Abstract
Background
Viral genomes contain records of geographic movements and cross-scale transmission dynamics. However, the impact of regional heterogeneity, particularly among rural and urban centers, on viral spread and epidemic trajectory has been less explored due to limited data availability. Intensive and widespread efforts to collect and sequence SARS-CoV-2 viral samples have enabled the development of comparative genomic approaches to reconstruct spatial transmission history and understand viral transmission across different scales.
Methods
We proposed the spatial transmission count statistic that efficiently summarizes the geographic transmission patterns imprinted in viral phylogenies. Guided by a time-scaled tree with ancestral trait states, we identified spatial transmission linkages and categorized them as imports, local transmissions, and exports.
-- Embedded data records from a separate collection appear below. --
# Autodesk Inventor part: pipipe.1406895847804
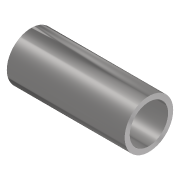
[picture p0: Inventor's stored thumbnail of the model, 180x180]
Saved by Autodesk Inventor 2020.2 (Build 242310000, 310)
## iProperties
Manager: www.cadconsulting.pl
Company: Fabian Stasiak CAD Consulting
IsCustomPart: 1
NAME: PIPING: JIS G 3458 Pipe
DATA: <meta><inlinegroups number="1" deflen="10"></inlinegroups><connections number="2"></connections><angles><a>3.14159265358979</a></angles></meta>
Created: 2014-08
Material: Stal, stopowa
Description: Rura
Document SubType Name: Modeling
Standard: JIS G 3458
Designer: F.Stasiak
Standards Organization: JIS
Language: pl-PL
Size Designation: 40 A x Sch 80 - 100
Categories: <MemberInstance><Categories><Category DisplayName="Rury cienko- i grubościenne" InternalName="4347fa0f-2144-441d-94cd-e3e15c92b736" Mnemonic="TUBEANDPIPE"><Cate
Stock Number: JIS G 3458 Rura 40 A x Sch 80
Density: 7.73 g/cm^3
Appearance: Częściowo polerowana
Catalog Web Link: www.expertbooks.pl
L: 118,000 mm
PL: 118,000 mm
Author: F.Stasiak
Subject: Zbiór ćwiczeń. Autodesk Inventor 2020. Kurs Professional
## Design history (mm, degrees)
sketch "Sketch1"
  geometry: C1 r 24.3 at (0, 0); C2 r 19.2 at (0, 0); 1 further point
  constraints: 2 centre point, 2 coincident, 1 concentric
  dimensions: "d0" = 48.6 diameter of C1 (= OD); "d1" = 38.4 diameter of C2 (= OD - 2 x t)
extrude "Extrusion1" new body sketch "Sketch1" distance "d2" = 118 (= L); taper "d3" = 0 deg
workaxis "Work Axis1"
workpoint "Work Point1"
workaxis "Work Axis2"
workpoint "Work Point2"
body "Solid1"
other parameters: "OD" = 48.6 [user parameter; used in 2 equation terms], "t" = 5.1 [user parameter; used in 1 equation term], "L" = 118 (= PL) [user parameter; used in 1 equation term], "ID" = 38.4 [user parameter], "PL" = 118 [user parameter; used in 1 equation term], "Size_Designation" = 12.345 [user parameter]
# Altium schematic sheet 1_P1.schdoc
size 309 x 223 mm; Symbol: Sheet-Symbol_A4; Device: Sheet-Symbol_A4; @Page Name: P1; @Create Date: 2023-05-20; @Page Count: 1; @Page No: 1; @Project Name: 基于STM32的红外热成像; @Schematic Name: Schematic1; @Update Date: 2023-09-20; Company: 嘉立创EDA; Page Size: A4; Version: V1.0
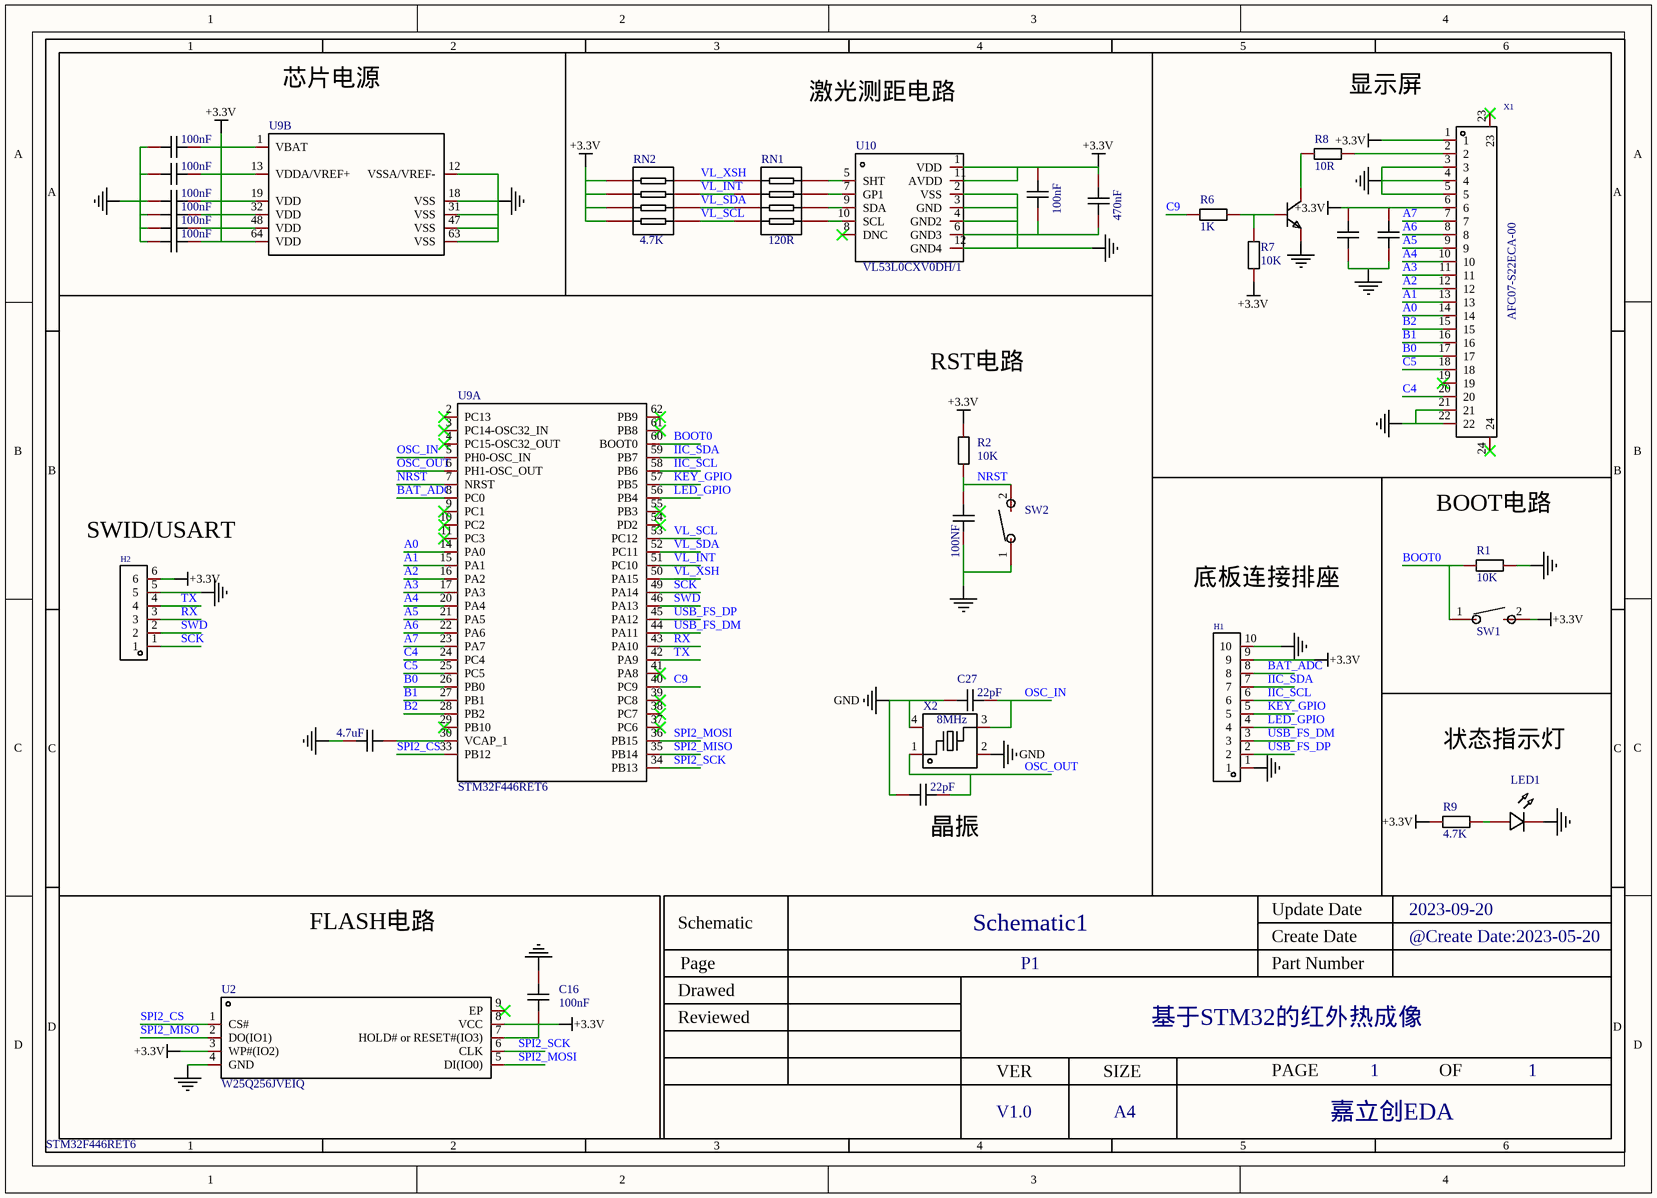
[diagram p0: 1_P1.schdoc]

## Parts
C2  100nF  [C0603]  (value not drawn)
C3  100nF  [C0603]  (value not drawn)
C16  100nF  [C0603]
C17  100nF  [C0603]
C18  100nF  [C0603]
C19  100nF  [C0603]
C20  100nF  [C0603]
C21  100nF  [C0603]
C22  100nF  [C0603]
C23  4.7uF  [C0603]
C24  100NF  [C0603]
C25  100nF  [C0603]
C26  470nF  [C0603]
C27  22pF  [C0603]
C28  22pF  [C0603]
H1  KH-1.27PH180-1X10P-L7.2  [HDR-TH_10P-P1.27-V-M]  (value not drawn)
H2  HDR-F_2.54_1x6P  [HDR-TH_6P-P2.54-V-F]  (value not drawn)
LED1  LED_0603-R  [LED_0603]  (value not drawn)
Q1  SS8050  [SOT-23-3_L2.9-W1.3-P1.90-LS2.4-BR]  (value not drawn)
R1  10K  [R0603]
R2  10K  [R0603]
R6  1K  [R0603]
R7  10K  [R0603]
R8  10R  [R0603]
R9  4.7K  [R0603]
RN1  120R  [RES-ARRAY-SMD_0603-8P-L3.2-W1.6-BL]
RN2  4.7K  [RES-ARRAY-SMD_0603-8P-L3.2-W1.6-BL]
SW1  TSA363G25-250B  [SW-SMD_L6.1-W3.6-LS8.0]  (value not drawn)
SW2  TSA363G25-250B  [SW-SMD_L6.1-W3.6-LS8.0]  (value not drawn)
U2  W25Q256JVEIQ  [WSON-8_L6.0-W8.0-P1.27-BL-EP]
U9  STM32F446RET6  [LQFP-64_L10.0-W10.0-P0.50-LS12.0-BL]  (parts A,B of 2)
U10  VL53L0CXV0DH/1  [OPTO-SMD_12P_VL53L0CXV0DH-1]
X1  AFC07-S22ECA-00  [FPC-SMD_AFC07-S22ECA-00]
X2  8MHz  [CRYSTAL-SMD_4P-L3.2-W2.5-BL]

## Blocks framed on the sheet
芯片电源: C17-C22 U9
激光测距电路: C25 C26 RN1 RN2 U10
显示屏: C2 C3 Q1 R6-R8 X1
底板连接排座: H1
BOOT电路: R1 SW1
状态指示灯: LED1 R9
FLASH电路: C16 U2

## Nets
+3.3V: C2.2 C3.2 C16.1 C17.2 C18.2 C19.2 C20.2 C21.2 C22.2 C25.2 C26.2 H1.9 H2.6 R2.1 R7.1 R9.1 RN2.1 RN2.2 RN2.3 RN2.4 SW1.2 U2.3(WP#(IO2)) U2.7(HOLD#_or_RESET#(IO3)) U2.8(VCC) U9.1(VBAT) U9.13(VDDA/VREF+) U9.19(VDD) U9.32(VDD) U9.48(VDD) U9.64(VDD) U10.1(VDD) U10.11(AVDD) X1.1 X1.6
GND: C27.1 C28.1 X2.2(GND) X2.4(GND)
NetC2_1: C2.1 C3.1 C16.2 C17.1 C18.1 C19.1 C20.1 C21.1 C22.1 C23.1 C24.1 C25.1 C26.1 H1.1 H1.10 H2.5 LED1.1(C) Q1.2(E) R1.2 SW2.1 U2.4(GND) U9.12(VSSA/VREF-) U9.18(VSS) U9.31(VSS) U9.47(VSS) U9.63(VSS) U10.2(VSS) U10.3(GND) U10.4(GND2) U10.6(GND3) U10.12(GND4) X1.3 X1.4 X1.5 X1.21 X1.22
A0: U9.14(PA0) X1.14
A1: U9.15(PA1) X1.13
A2: U9.16(PA2) X1.12
A3: U9.17(PA3) X1.11
A4: U9.20(PA4) X1.10
A5: U9.21(PA5) X1.9
A6: U9.22(PA6) X1.8
A7: U9.23(PA7) X1.7
B0: U9.26(PB0) X1.17
B1: U9.27(PB1) X1.16
B2: U9.28(PB2) X1.15
BAT_ADC: H1.8 U9.8(PC0)
BOOT0: R1.1 SW1.1 U9.60(BOOT0)
C4: U9.24(PC4) X1.20
C5: U9.25(PC5) X1.18
C9: R6.1 U9.40(PC9)
IIC_SCL: H1.6 U9.58(PB6)
IIC_SDA: H1.7 U9.59(PB7)
KEY_GPIO: H1.5 U9.57(PB5)
LED_GPIO: H1.4 U9.56(PB4)
NRST: C24.2 R2.2 SW2.2 U9.7(NRST)
OSC_IN: C27.2 U9.5(PH0-OSC_IN) X2.3
OSC_OUT: C28.2 U9.6(PH1-OSC_OUT) X2.1
RX: H2.3 U9.43(PA10)
SCK: H2.1 U9.49(PA14)
SPI2_CS: U2.1(CS#) U9.33(PB12)
SPI2_MISO: U2.2(DO(IO1)) U9.35(PB14)
SPI2_MOSI: U2.5(DI(IO0)) U9.36(PB15)
SPI2_SCK: U2.6(CLK) U9.34(PB13)
SWD: H2.2 U9.46(PA13)
TX: H2.4 U9.42(PA9)
USB_FS_DM: H1.3 U9.44(PA11)
USB_FS_DP: H1.2 U9.45(PA12)
VL_INT: RN1.2 RN2.7 U9.51(PC10)
VL_SCL: RN1.4 RN2.5 U9.53(PC12)
VL_SDA: RN1.3 RN2.6 U9.52(PC11)
VL_XSH: RN1.1 RN2.8 U9.50(PA15)
NetC23_2: C23.2 U9.30(VCAP_1)
NetLED1_2: LED1.2(A) R9.2
NetQ1_1: Q1.1(B) R6.2 R7.2
NetQ1_3: Q1.3(C) R8.2
NetR8_1: R8.1 X1.2
NetRN1_5: RN1.5 U10.10(SCL)
NetRN1_6: RN1.6 U10.9(SDA)
NetRN1_7: RN1.7 U10.7(GP1)
NetRN1_8: RN1.8 U10.5(SHT)

Not connected (* = marked no-connect by the designer): U2 9(EP)*; U9 2(PC13)* 3(PC14-OSC32_IN)* 4(PC15-OSC32_OUT)* 9(PC1)* 10(PC2)* 11(PC3)* 29(PB10)* 37(PC6)* 38(PC7)* 39(PC8)* 41(PA8)* 54(PD2)* 55(PB3)* 61(PB8)* 62(PB9)*; U10 8(DNC)*; X1 19* 23* 24*

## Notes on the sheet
- RST电路
- (near H2) SWID/USART
- (near C28) 晶振

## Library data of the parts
C2 C3 C16-C28 = CAP_0603: Symbol: CapAcitance; Convert to PCB: yes
H1 = KH-1.27PH180-1X10P-L7.2: 排数:单排;总PIN位数:10P;间距:1.27mm;插针结构:1x10P;行距:-;安装类型:直插;圆针/方针:方针;额定电流:1A;额定电压:-;配合针长度:3.9mm;塑高:1mm;端接针长度:2.3mm;工作温度范围:-40℃~+105℃;颜色:-;; Manufacturer: kinghelm(金航标); Add into BOM: yes; Pitch: 1.27mm; Pin Structure: 1x10P; Circluar Pins/Square Pins: 方针; Current Rating (Max): 1A
H2 = HDR-F_2.54_1x6P: Manufacturer: BOOMELE(博穆精密); Manufacturer Part: 2.54-1*6P母; Symbol: Header-Female-2.54_1x6; Convert to PCB: yes
LED1 = LED_0603-R: Symbol: LED_R; Convert to PCB: yes
Q1 = SS8050_C2150: 晶体管类型:NPN;集射极击穿电压(Vceo):25V;集电极电流(Ic):1.5A;功率(Pd):300mW;直流电流增益(hFE@Ic,Vce):200@100mA,1V;; Manufacturer: CJ(江苏长电/长晶); Add into BOM: yes; Transistor Type: NPN; Collector-Emitter Breakdown Voltage (Vceo): 25V; Collector Current (Ic): 1.5A; Power Dissipation (Pd): 300mW; Collector Cut-Off Current (Icbo): 100nA; Collector-Emitter Saturation Voltage (VCE(sat)@Ic,Ib): 500mV@800mA,80mA; Transition Frequency (fT): 100MHz
R1 R2 R6-R9 = Res_0603: Symbol: 电阻; Convert to PCB: yes
RN1 RN2 = 4D03WGJ0103T5E: 阻值:10kΩ;精度:±5%;单个元件功率:62.5mW;电阻器数:4;; Manufacturer: UNI-ROYAL(厚声); Add into BOM: yes; Tolerance: ±5%; Power(Watts): 62.5mW; Number of Resistors: 4; Temperature Coefficient: ±200ppm/℃
SW1 SW2 = TSA363G25-250B: 触点电流:50mA;额定电压(DC):12V;绝缘电阻:100MΩ;电路结构:单刀单掷;安装方式:立贴;带灯:无;作用力:250gf@±50gf;机械寿命:5万次;带支架:否;; Manufacturer: BRIGHT(博瑞泰); Add into BOM: yes; Contact Current: 50mA; Voltage Rating (DC): 12V; Insulation Resistance: 100MΩ; Circuit: 单刀单掷; Actuator Style: 矩形按钮; Actuator/Cap Color: 白色; With Lamp: 无; Mechanical Life: 5万次; Pin Style: 鸥翼型; Switch Length: 6.05mm; Switch Width: 3.6mm; Switch Height: 2.5mm; Strike Gundam: 否
U2 = W25Q256JVEIQ: Manufacturer: WINBOND(华邦); Add into BOM: yes
U9 = STM32F446RET6: CPU内核:ARM Cortex-M4;CPU最大主频:180MHz;程序存储容量:512KB;程序存储器类型:FLASH;RAM总容量:128KB;GPIO端口数量:50;; Manufacturer: ST(意法半导体); Add into BOM: yes; CPU Maximum Speed: 180MHz; Operating Voltage Range: 1.7V~3.6V; Program Storage Size: 512KB; Program Memory Type: FLASH; RAM Size: 128KB; GPIO Ports Number: 50; ADC (Bit): 12bit; Universal Serial Bus: 有; Peripheral/Function: PWM；PWM；低电压检测
U10 = VL53L0CXV0DH/1: TOF  激光 测距 高精度 传感器 超小体积; Manufacturer: ST(意法半导体); Add into BOM: yes
X1 = AFC07-S22ECA-00: 间距:0.5mm;触点数量:22;锁定特性:抽屉式;安装类型:卧贴;触点类型:上接;工作温度范围:-;; Manufacturer: JS(钜硕电子); Add into BOM: yes; Pitch: 0.5mm; Number of Contacts: 22; Locking Feature: 抽屉式; FFC, FCB Thickness: 0.3mm~0.3mm
X2 = 3225-8.00-12-10-10/A: 频率:8MHz;频率公差:±10ppm;频率稳定度:±10ppm;负载电容:12pF;; Manufacturer: LIMING(利明); Add into BOM: yes; Crystal Type: 贴片无源晶振; Frequency Tolerance: ±10ppm; Load Capacitance: 12pF

These linkages were then summarized to represent the epidemic profile of the focal area.
Results
Here, we demonstrate the utility of this approach for near real-time outbreak analysis using over 12,000 full genomes and linked epidemiological data to investigate the spread of SARS-CoV-2 in Texas. Our findings indicate that (1) highly populated urban centers were the main sources of the epidemic in Texas; (2) outbreaks in urban centers were connected to the global epidemic; and (3) outbreaks in urban centers were locally maintained, while epidemics in rural areas were driven by repeated introductions.
Conclusions
In this study, we introduce the Source Sink Score, which determines whether a localized outbreak serves as a source or sink for other regions, and the Local Import Score, which assesses whether the outbreak has transitioned to local transmission rather than being maintained by continued introductions. These epidemiological statistics provide actionable insights for developing public health interventions tailored to the needs of affected areas.